The microscope visits multiple positions during an experiment. Each position may have a different setup or strain. We denote this strain as a group. For every position, we take an image for every time point.
We divide all images into tiles, one per trap. Baby determines masks, mother-bud pairs, and tracking for each tile. We obtain data on individual cells first for each tile and then for each position for all time points: cells and signal provide this information for a position; grouper concatenates over all positions.
All global parameters, such as possible fluorescence channels and pixel sizes, are stored in global_parameters.
Runs the tiler, baby, and extraction steps of the pipeline, and then postprocessing. The run function loops through positions, calling run_one_position, which loops through time points. For each time point, each step of the pipeline has a _run_tp function, which StepABC renames to run_tp, to process one time point for a position. Extractor does not have an independent writer, but writes to the h5 file in _run_tp.
Tiles image into smaller regions of interest or tiles, one per trap, for faster processing. We ignore tiles without cells.
Interfaces with Baby through the BabyRunner class, which returns a dict of Baby’s results.
Extracts areas and volumes and the fluorescence data from the images for the cells in one position, via the image tiles, using the cell masks found by Baby.
We save the cell properties we wish to extract as a nested dictionary, such as {‘general’: {‘None’: [‘area’, ‘volume’, ‘eccentricity’]}}. extract_tp extracts data for one time point.
Defines the standard functions, such as area and median, that we apply to pixels from individual cells.
Determines properties of a tile’s background.
Collapses multiple z-sections to a 2D image.
Defines the standard fluorescence signals and metrics, like median, we extract in exparams_from_meta.
Defines more complex functions to apply to cells, such as nuc_est_conv, which estimates nuclear localisation of a fluorescent protein.
Interfaces with h5 files.
Accesses information on cells and masks in tiles from an h5 file.
Gets extracted properties, such as median fluorescence, for all cells and all time points from an h5 file - data for one position.
Signal applies picking and merging of cells using the choices made by picker and merger. get_raw gets the data from the h5 file without any picking and merging.
For one position, the run function performs picking, of appropriate cells, and merging, of tracklets, via run_prepost and then runs processes, such as the buddings and bud_metric functions, on signals, such as volume, to get new signals, such as buddings and bud_volume.
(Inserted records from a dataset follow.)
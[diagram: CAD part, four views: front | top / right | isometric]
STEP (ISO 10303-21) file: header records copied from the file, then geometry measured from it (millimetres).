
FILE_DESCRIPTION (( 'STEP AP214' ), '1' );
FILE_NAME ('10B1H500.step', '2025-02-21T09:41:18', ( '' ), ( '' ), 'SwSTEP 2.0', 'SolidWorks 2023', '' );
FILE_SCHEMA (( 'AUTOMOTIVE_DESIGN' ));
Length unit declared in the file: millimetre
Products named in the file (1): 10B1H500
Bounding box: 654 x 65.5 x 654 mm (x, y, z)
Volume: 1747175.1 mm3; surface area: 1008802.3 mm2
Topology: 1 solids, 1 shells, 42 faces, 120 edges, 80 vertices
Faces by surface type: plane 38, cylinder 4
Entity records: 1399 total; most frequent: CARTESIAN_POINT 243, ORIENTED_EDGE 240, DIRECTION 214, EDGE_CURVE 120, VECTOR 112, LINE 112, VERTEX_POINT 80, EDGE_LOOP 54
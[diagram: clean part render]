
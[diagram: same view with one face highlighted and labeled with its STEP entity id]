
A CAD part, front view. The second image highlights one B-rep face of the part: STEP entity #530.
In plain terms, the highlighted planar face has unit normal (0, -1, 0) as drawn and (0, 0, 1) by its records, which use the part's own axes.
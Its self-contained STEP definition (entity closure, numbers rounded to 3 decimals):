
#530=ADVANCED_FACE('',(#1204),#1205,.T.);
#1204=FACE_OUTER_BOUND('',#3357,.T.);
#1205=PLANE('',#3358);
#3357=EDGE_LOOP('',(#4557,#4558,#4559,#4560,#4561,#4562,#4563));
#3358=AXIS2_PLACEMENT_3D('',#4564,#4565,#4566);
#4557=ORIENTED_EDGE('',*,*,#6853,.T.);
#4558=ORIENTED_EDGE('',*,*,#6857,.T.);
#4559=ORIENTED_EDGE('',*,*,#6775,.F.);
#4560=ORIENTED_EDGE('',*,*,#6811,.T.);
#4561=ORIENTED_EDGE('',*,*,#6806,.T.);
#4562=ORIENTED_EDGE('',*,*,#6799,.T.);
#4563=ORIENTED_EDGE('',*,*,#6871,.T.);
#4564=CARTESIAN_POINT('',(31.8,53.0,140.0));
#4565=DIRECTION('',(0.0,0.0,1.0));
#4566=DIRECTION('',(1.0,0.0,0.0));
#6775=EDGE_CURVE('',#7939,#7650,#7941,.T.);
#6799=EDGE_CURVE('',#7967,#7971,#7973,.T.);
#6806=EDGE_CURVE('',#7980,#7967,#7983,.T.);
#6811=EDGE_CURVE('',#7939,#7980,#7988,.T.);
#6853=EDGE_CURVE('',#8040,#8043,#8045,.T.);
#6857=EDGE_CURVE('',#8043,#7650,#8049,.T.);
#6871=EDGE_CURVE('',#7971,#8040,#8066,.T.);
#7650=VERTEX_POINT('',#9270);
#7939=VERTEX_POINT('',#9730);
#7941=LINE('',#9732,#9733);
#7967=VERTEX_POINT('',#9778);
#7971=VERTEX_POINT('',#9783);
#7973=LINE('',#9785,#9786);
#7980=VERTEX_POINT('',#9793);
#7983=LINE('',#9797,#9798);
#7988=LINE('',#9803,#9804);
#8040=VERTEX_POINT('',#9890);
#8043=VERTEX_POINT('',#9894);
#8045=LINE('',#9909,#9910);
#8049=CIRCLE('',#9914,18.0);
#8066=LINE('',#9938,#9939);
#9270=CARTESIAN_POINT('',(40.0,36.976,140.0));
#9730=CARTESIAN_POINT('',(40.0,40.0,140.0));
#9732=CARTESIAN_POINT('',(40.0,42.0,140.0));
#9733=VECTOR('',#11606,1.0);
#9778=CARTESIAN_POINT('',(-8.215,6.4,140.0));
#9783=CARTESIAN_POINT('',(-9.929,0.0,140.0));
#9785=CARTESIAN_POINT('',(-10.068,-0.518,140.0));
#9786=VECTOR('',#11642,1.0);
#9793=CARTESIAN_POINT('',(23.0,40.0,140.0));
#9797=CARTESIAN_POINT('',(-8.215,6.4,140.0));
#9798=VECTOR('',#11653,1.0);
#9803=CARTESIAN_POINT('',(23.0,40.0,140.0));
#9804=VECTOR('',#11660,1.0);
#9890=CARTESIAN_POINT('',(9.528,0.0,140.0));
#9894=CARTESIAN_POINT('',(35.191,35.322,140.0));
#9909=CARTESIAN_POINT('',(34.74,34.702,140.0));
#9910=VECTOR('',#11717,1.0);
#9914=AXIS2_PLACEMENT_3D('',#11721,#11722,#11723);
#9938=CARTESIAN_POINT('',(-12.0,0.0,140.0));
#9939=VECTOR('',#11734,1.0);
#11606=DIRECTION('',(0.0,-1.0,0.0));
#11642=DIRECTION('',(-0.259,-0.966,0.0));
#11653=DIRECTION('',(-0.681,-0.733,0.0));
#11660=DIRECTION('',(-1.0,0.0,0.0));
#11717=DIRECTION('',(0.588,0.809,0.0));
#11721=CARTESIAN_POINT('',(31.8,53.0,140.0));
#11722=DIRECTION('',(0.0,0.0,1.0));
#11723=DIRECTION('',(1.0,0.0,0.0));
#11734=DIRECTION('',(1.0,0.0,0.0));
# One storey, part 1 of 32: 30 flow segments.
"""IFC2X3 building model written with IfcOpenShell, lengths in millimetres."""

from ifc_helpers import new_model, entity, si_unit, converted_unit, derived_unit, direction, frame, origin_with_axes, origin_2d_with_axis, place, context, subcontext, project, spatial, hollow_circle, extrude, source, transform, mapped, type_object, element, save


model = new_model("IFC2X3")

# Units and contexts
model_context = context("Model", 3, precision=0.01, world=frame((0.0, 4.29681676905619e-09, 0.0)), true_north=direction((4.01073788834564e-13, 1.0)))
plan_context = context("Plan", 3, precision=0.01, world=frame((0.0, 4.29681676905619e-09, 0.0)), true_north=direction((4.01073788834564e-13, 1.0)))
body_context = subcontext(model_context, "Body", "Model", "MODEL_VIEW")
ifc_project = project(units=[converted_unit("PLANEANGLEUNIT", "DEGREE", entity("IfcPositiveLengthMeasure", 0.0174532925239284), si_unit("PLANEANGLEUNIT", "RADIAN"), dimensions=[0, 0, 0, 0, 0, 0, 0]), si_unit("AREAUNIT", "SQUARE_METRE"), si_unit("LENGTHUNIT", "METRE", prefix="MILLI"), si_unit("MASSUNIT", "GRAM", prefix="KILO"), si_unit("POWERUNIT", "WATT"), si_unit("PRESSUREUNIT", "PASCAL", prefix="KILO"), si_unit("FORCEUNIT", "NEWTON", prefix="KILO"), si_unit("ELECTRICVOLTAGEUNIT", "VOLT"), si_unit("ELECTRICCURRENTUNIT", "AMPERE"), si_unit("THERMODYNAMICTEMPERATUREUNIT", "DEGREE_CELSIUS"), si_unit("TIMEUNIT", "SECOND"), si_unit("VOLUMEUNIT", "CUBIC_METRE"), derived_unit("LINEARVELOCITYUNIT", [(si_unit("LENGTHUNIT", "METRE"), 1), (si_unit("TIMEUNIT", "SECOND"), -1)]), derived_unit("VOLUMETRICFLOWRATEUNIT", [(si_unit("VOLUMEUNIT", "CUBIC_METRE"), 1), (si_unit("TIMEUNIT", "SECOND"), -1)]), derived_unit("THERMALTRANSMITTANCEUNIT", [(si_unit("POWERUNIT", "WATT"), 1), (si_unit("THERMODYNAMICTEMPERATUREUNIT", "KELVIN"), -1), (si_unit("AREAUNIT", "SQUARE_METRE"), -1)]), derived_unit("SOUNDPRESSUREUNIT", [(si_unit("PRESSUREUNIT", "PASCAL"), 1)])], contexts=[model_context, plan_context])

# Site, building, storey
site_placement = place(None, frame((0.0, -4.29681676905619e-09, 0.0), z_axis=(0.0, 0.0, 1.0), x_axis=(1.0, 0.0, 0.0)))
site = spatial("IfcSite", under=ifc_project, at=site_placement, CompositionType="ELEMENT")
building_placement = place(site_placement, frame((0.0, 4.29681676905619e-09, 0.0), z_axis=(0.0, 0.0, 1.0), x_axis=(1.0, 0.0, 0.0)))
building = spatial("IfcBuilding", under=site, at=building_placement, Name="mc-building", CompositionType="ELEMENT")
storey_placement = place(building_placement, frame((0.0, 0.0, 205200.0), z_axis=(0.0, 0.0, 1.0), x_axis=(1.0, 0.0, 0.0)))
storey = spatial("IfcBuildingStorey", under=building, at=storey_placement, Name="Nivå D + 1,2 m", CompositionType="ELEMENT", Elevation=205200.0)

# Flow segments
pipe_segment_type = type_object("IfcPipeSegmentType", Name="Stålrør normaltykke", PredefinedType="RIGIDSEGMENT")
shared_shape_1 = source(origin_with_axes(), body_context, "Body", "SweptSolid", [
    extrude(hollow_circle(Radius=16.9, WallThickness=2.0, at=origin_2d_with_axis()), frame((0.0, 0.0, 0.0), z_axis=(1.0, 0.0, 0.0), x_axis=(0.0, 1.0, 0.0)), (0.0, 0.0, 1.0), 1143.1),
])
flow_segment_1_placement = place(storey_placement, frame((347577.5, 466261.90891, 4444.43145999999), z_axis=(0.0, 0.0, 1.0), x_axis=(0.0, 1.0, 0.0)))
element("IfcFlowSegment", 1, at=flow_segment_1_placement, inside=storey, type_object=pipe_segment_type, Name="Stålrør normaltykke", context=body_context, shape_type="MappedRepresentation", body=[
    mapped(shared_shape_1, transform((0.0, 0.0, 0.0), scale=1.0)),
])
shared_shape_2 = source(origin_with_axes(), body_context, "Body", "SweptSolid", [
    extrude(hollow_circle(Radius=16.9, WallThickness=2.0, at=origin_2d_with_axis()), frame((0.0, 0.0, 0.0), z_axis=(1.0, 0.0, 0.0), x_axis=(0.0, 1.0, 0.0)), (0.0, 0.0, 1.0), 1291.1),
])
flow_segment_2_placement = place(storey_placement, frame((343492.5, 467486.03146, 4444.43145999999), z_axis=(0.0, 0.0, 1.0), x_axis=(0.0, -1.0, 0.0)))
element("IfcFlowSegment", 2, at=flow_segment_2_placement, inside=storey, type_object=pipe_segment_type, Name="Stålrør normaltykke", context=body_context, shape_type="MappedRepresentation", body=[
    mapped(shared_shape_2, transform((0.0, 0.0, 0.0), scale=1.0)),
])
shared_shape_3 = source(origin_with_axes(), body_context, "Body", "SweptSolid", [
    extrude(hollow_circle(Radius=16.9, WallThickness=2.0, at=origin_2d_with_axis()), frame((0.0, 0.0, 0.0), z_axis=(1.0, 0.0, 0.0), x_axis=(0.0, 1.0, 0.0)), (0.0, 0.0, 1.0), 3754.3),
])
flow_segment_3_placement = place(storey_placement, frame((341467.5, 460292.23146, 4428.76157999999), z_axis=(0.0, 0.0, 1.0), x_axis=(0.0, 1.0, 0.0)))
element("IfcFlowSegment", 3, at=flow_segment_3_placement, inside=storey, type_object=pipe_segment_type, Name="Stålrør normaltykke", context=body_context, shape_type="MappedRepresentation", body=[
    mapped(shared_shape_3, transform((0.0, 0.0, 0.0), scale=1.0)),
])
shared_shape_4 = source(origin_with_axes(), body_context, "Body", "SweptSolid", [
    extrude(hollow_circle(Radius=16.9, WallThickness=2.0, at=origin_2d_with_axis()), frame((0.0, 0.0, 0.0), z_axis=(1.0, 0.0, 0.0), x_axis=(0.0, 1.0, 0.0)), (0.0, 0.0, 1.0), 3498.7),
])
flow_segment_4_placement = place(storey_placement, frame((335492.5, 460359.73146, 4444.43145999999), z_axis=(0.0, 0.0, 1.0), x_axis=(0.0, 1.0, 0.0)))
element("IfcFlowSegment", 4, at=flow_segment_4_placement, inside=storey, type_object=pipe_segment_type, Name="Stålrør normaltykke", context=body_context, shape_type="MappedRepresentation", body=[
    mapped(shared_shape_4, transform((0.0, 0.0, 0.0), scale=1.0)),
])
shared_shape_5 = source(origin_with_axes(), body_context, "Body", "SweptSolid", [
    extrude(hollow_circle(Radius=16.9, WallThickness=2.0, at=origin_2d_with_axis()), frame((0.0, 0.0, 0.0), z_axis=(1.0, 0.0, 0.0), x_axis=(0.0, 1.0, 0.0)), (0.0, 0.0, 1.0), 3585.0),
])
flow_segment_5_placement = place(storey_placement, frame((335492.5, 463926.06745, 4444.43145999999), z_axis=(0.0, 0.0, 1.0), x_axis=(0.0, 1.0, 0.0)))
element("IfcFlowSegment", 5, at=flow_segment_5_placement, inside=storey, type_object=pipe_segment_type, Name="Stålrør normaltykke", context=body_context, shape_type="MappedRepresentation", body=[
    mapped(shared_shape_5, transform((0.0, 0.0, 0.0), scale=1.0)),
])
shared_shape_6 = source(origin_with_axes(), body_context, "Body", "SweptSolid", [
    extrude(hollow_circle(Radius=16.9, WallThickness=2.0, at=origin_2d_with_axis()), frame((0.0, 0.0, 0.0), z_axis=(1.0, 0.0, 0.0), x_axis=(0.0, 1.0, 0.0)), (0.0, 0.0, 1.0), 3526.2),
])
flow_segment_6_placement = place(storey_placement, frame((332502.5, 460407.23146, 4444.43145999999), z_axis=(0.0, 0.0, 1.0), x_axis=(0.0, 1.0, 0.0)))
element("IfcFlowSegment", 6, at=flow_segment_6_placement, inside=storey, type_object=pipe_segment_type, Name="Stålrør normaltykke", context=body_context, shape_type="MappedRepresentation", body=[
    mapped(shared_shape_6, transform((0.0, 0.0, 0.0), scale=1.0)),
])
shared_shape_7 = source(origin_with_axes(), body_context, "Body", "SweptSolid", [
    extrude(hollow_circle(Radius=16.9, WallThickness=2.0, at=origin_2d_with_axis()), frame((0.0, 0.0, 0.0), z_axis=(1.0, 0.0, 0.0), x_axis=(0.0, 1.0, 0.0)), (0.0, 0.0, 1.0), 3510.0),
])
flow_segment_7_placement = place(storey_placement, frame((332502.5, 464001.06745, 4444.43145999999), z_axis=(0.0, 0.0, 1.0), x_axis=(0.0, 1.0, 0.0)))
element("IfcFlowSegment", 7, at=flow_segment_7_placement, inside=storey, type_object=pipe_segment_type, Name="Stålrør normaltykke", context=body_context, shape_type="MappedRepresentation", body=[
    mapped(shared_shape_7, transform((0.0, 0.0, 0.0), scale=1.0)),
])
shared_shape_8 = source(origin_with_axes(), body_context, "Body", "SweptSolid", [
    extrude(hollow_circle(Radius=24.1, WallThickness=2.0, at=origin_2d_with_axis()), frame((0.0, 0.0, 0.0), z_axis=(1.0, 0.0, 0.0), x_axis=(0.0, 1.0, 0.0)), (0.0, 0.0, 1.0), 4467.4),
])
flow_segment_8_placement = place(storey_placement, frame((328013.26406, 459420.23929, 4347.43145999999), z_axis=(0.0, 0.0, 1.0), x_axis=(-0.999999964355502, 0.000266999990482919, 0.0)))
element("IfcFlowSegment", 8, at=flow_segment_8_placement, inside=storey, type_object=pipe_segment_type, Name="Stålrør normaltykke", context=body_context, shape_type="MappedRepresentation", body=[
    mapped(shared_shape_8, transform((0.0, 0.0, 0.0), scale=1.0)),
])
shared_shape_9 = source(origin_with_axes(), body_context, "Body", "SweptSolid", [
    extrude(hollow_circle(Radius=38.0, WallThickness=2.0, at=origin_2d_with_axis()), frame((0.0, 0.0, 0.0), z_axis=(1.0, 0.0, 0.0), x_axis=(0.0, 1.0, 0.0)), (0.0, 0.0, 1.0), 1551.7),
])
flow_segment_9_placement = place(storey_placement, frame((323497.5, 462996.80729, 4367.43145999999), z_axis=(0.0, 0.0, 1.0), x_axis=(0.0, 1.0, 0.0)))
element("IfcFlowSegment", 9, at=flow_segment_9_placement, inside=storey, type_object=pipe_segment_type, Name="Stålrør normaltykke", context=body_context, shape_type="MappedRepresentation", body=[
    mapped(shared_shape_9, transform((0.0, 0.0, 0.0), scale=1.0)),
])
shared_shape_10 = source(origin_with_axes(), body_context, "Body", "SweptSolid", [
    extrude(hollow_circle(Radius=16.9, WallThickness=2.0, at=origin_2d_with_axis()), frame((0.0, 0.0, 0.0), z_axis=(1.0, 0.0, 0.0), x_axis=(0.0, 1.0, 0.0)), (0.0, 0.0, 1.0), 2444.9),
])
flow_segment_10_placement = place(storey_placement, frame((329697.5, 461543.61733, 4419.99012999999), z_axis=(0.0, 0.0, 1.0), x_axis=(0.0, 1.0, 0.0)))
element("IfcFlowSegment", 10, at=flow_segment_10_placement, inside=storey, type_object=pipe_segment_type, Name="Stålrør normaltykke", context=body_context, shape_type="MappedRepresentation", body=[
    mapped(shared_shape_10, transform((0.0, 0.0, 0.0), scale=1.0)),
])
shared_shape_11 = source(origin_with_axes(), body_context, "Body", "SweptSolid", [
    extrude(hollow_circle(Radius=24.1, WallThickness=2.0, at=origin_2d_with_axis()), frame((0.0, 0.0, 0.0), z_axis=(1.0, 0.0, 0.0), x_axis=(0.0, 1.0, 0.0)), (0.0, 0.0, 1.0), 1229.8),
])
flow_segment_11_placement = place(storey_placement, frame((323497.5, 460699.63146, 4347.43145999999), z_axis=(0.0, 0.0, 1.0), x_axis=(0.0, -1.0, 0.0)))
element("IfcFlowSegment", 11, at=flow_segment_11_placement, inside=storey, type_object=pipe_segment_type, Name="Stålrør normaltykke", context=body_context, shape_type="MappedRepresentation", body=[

run_process writes the results to an h5 file.
The class PostProcessorParameters lists the standard processes we perform, such as running buddings and bud_metric on area.
Selects cells from a Signal for which there is lineage information and by how long they remain in the experiment, writing the choices to the h5 file.
Combines tracks that should be a single track of the same cell, writing the choices to the h5 file.
Core code needed when picker uses Baby’s lineage information to select mother-bud pairs in a Signal.
concat_signal: Concatenates signals from different h5 files - we have one per position - to generate dataframes for the entire experiment. uses either concat_signal_ind for independent signals or concat_standard.
Gets information on the data available in an OMERO data base.
Contains functions to interact with OMERO and extract information on an Image corresponding to an OMERO image ID or a Dataset corresponding to an OMERO experiment ID.
We use tile and trap interchangeably, but tile is preferred. We use bud and daughter interchangeably, but bud is preferred. We use record and kymograph interchangeably, but record is preferred.